Programming Social Processes with Action Languages
A social process is a joint of activities (business, poitical, administrative and so on) performed in a social context. It can be a computational society when a :SocialMiddleware is provided and it can be programmed as a first-class social connector (:SocialInteraction). The abstract machine for the SOcialMiddleware they use action languages (C+): a declarative language to specify structure and dynamics, based upon a propositional, non-monotonic, causal logic, and Ccalc tool (SAT solver).
The social middleware is defined through a set of sorts, objects, fluents, actions, variables and axioms. But to reduce the complexity of these specifications they make a sort-oriented specification. He explains using a tennis match example how the society can be modelled.
WIth all that, a programming language for agent societies can be defined (SPEECH: a societal programming language – www.speechlang.org).
Representing and Reasoning about Norm-Governed Organisations with Semantic Web Languages
SW languages are more limited, but they offer a stardard language (open), advantadges in reasoning (decidability and optimized reasoners). They want to capture roles and role classification, institutionalised powers, normative systems, violations and temporal relationships (hey…. just as I want!!! I have to read it carefully). OWL and SWRL extended for temporal relations (SWRLTab editor) for before, after and during (–> converted into PDDL).
They define permissions, abbligations and permision for roles and inheritance of norms. You can override them if you need more especific norms. There’re general rules form norms (ex. if an act is permitted then it’s not prohibited / if an act is obligatory the it’s permitted… ) Other cocept modelled is «power» (a role has the powerto execute an action). Norms can have conditions and deadlines, but the DL reasoner has to be extended to del with temporal relationships (this can be an interesting work to do) To detect violations, the system can check if an agent triesto perform an act that is prohibited. That can be detected automatically by the reasoner.
But we can reason an inconsistent ontology by tolerating contradictions (that’s interesting for open systems or self-organising systems)
Limitations (comparing with event calc.): only binary operators, static knowledge, no modifications
On Partial Deductions and Conversational Agents
Many times, human conversations include more information that a simple yes/no answer, so if agents want to interact with human complex conversation schemes have to be included in their mental state.

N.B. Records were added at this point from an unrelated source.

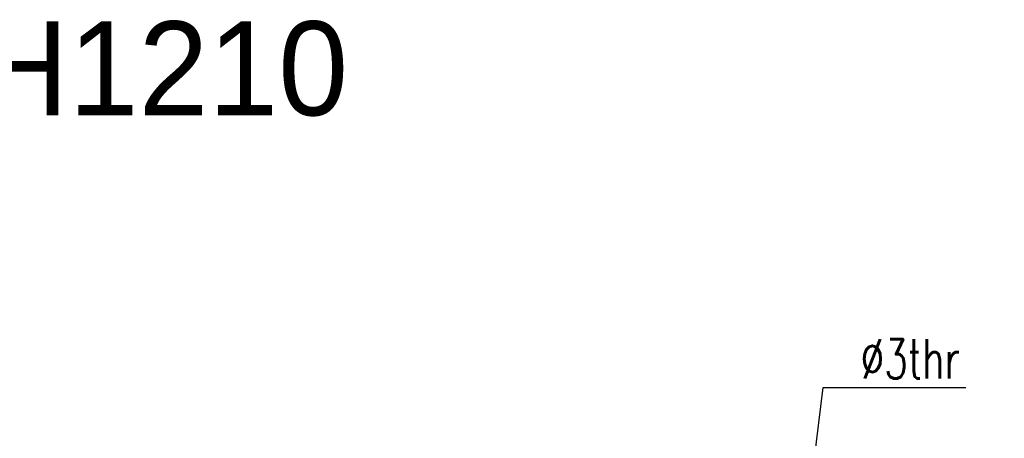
# Model space of a CAD drawing. Header units: millimetres. Extents: x 20 to 679, y 38 to 101.
# Tile 49 of 49: x 63 to 116, y 79 to 101. Entities that reach past the tile are written whole.
import ezdxf

# ---------------------------------------------------------------- set-up
doc = ezdxf.new("R2010")
doc.units = ezdxf.units.MM
doc.header["$LTSCALE"] = 0.1
doc.layers.get('0').update_dxf_attribs({"linetype": 'CONTINUOUS'})
doc.layers.add('DIM', color=4, linetype='CONTINUOUS')
doc.styles.add('DIM-7', font='SIMPLEX.shx', dxfattribs={"width": 0.7, "bigfont": 'chineset.shx'})
doc.dimstyles.new('CNS', dxfattribs={"dimtxt": 3.5, "dimasz": 2.5, "dimexe": 1, "dimexo": 1.5, "dimgap": 0.09, "dimtad": 0, "dimdsep": 46, "dimtxsty": 'DIM-7', "dimcen": 0.09, "dimclrd": 1, "dimclre": 1, "dimclrt": 4, "dimadec": 0, "dimazin": 0, "dimtfac": 1, "dimtix": 1, "dimtmove": 2, "dimatfit": 3, "dimfxl": 1, "dimtvp": 0.971429, "dimtolj": 1, "dimarcsym": 0})

msp = doc.modelspace()

# ---------------------------------------------------------------- texts
msp.add_text('SCNH1210', height=5).set_placement((46.959, 95.943))
at = {"layer": 'DIM', "color": 7, "insert": (108.049, 81.929), "char_height": 2.1, "attachment_point": 7, "style": 'DIM-7'}
msp.add_mtext('\\A1;%%C3thr', dxfattribs=at)

# ---------------------------------------------------------------- leaders
at = {"layer": 'DIM', "color": 7, "annotation_type": 0, "has_hookline": 1, "hookline_direction": 0, "text_width": 5.6}
msp.add_leader([(104.131, 66.118), (106.069, 81.449), (107.569, 81.449)], dimstyle='CNS', override={"dimscale": 0.6, "dimgap": 0.8, "dimtad": 1, "dimclrd": 4, "dimclre": 4, "dimadec": 2, "dimazin": 2, "dimtm": 1e-09, "dimtfac": 0.6, "dimtmove": 1, "dimatfit": 0}, dxfattribs=at)

doc.saveas('drawing.dxf')

The mental state of an agent is formed by a ….., a …. and a set of rules. Goals are facts that agents want to be solve. THe input and the output interface are set of facts. Agents communicate using an own simple speech act messages. Interface engine os based on rle specialisation uses an approximate reasoning context and the true value is not binary, but a fuzzy one.
Examples to show the mentak state cycle and hoe agents communicates to complete their information.